Die Handlung als solche war für mich gut nachvollziehbar und vom Aufbau her auch logisch. Hin und wieder hat es sich gezogen. Die fehlende Dynamik im Mittelteil macht aber das letzte Drittel wieder wett. Hier geht es drunter und drüber und es passier wirklich viel. Fast schon zu viel.
Den Handlungsstrang rund um Marie Antoinette konnte ich nur bedingt nachvollziehen, sehe allerdings noch Chancen für die Fortsetzung hier anzuknüpfen.
Der Antagonist hat mir richtig gut gefallen, denn er ist ein Bösewicht mit Prinzipien. Er ist nicht einfach „böse“, sondern kämpft für etwas völlig nachvollziehbares, nämlich das Recht auf Gleichberechtigung. Man könnte hier ganz philosophisch fragen, ob er wirklich der Antagonist ist oder ob das nicht eher die Liga ist. Dieses Fass möchte ich aber nicht aufmachen.
Mit Anima gewinnt die Geschichte eine weitere Dimension und bietet mit einer weiteren Spezies auch wieder schönes ausbaufähiges Material für eine Fortsetzung.
Die sich anbahnende Lovestory ist für mich etwas paradox, weil ich sie einerseits schon fühle, andererseits aber auch gar nicht. Es wirkt irgendwie alles sehr schnell und gerade auf den letzten Seiten sehr gewollt. Irgendwo kann ich die Anziehung aber auch nachvollziehen. Ich würde für mich. Einfach folgenden Beziehungsstatus vergeben: Es ist kompliziert!

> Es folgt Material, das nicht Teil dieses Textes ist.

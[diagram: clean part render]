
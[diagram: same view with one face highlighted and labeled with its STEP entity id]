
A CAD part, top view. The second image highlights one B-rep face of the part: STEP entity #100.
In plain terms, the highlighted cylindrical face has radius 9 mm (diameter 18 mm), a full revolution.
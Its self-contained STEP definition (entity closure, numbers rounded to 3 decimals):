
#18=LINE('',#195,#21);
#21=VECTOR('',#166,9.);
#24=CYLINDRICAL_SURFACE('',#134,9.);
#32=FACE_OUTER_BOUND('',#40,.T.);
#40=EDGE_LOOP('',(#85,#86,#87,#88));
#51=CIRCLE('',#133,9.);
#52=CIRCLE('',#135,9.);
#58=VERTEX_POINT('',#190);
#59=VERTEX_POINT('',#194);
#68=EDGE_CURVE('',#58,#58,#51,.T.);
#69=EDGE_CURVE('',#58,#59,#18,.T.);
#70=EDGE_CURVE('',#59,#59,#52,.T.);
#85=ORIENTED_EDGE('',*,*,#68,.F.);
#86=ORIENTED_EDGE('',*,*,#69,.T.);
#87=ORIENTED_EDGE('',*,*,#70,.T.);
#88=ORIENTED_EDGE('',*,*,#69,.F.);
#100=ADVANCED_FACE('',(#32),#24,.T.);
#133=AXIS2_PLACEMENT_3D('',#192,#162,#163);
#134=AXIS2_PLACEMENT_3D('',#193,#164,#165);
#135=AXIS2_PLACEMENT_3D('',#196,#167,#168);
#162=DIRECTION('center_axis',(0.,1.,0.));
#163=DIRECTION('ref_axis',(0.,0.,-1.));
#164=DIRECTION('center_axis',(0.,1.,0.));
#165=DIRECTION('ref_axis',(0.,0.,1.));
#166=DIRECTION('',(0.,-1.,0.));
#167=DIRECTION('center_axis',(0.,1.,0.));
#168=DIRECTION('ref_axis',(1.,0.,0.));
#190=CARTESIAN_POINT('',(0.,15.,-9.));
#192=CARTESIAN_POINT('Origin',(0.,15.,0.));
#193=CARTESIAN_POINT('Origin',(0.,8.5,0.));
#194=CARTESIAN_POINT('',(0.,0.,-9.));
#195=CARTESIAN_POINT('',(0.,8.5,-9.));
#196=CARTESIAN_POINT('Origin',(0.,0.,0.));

Summa Summarum ist es eine solide historische Fantasygeschichte. Sie hat ihre Stärken, sie hat aber auch ihre Schwächen, was ich aber voll okay finde. Es ist ein Buch, was man schön zwischendurch lesen kann, was unterhält und was gleichzeitig Geschichte etwas greifbarer macht. Man merkt, dass es sich hierbei um den ersten Teil einer Reihe handelt und ich bin wirklich sehr gespannt auf das, was uns da noch erwartet!